Grundsätzlich ist die Datenerhebung durch eine Mieterselbstauskunft zulässig, da sie für die Abwicklung eines rechtsgeschäftlichen Schuldverhältnisses erforderlich ist. Dennoch ist niemand verpflichtet eine Mieterselbstauskunft auszufüllen. Umgekehrt sind Sie auch nicht dazu verpflichtet, Ihre Immobilie an jemanden zu vermieten, der keine Selbstauskunft ausgefüllt hat. Erklärt sich der Mieter allerdings dazu bereit, eine Mieterselbstauskunft abzugeben, ist er auch dazu verpflichtet, korrekte Angaben zu machen. Andernfalls können Sie das Mietverhältnis wieder kündigen. Dennoch gibt es auch hier einige unzulässige Fragen (z.B. nach Ethnie, Parteizugehörigkeit oder sexueller Orientierung), die Sie als Mieter nicht stellen dürfen bzw. der Mieter falsch beantworten darf.
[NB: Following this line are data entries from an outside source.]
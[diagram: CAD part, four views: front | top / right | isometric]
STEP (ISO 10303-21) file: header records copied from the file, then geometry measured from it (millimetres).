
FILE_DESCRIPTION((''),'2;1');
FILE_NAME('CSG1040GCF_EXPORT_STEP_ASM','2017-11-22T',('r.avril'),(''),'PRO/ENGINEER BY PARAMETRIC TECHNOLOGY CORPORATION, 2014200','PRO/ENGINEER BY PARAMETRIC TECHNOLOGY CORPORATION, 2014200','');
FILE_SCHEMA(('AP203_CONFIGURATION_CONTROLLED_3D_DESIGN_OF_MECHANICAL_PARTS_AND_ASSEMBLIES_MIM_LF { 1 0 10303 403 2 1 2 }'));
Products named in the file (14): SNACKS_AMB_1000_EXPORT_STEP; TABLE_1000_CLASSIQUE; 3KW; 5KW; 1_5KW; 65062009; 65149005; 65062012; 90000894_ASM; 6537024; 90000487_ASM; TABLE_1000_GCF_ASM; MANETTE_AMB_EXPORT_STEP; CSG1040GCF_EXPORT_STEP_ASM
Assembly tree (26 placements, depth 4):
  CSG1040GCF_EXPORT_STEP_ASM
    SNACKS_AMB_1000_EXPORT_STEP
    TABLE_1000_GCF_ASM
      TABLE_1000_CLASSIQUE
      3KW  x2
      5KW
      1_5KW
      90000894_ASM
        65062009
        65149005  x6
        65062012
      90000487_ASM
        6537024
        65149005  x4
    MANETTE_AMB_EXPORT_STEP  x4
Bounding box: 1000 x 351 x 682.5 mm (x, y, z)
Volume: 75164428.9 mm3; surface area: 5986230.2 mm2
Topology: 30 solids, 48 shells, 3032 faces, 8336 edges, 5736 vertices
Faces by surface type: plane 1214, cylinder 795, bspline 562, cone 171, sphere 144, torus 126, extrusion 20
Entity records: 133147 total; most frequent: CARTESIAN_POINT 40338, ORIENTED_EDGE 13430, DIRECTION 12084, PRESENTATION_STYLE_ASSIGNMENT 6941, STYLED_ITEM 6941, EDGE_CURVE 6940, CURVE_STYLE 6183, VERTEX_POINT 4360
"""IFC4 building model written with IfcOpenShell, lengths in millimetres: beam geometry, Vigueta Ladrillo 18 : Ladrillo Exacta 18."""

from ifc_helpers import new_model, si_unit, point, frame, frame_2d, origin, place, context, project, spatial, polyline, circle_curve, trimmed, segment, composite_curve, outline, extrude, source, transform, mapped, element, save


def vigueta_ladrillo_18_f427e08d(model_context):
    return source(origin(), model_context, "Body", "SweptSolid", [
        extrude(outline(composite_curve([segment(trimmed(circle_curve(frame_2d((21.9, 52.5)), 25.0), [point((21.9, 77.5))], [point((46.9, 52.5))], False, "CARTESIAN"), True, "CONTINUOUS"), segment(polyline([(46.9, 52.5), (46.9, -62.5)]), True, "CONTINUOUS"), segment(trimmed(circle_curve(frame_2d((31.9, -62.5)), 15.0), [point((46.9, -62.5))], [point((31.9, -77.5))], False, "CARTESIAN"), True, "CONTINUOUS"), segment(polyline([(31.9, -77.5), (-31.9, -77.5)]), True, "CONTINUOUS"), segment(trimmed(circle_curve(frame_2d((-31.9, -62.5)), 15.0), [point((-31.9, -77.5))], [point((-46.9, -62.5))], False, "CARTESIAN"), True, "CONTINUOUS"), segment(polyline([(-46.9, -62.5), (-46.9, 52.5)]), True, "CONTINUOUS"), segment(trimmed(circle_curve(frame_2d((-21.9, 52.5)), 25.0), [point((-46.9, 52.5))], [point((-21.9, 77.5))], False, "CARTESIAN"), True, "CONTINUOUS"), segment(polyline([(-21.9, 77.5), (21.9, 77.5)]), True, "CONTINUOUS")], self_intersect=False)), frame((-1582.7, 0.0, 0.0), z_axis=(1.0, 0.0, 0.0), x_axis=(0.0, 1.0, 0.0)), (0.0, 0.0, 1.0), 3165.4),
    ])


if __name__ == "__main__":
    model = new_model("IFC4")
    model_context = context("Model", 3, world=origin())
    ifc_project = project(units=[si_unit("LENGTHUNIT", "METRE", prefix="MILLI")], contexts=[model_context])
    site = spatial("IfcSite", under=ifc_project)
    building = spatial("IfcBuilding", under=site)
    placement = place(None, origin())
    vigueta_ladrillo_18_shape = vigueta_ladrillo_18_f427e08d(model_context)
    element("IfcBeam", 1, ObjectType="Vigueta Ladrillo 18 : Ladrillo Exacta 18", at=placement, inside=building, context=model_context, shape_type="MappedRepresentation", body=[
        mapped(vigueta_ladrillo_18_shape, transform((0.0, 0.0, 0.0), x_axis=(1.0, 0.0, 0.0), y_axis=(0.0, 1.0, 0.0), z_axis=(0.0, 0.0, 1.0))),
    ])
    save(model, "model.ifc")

Nutzen Sie unsere Mieterselbstauskunft, um alle relevanten Daten von Ihren zukünftigen Mietern zu erfragen. Neben dem Fragebogen stellen wir Ihnen auch wichtige Tipps und Hinweise zur Verfügung, um eine rechtssichere Datenerhebung durchzuführen.

Was sollte in der Mieterselbstauskunft stehen?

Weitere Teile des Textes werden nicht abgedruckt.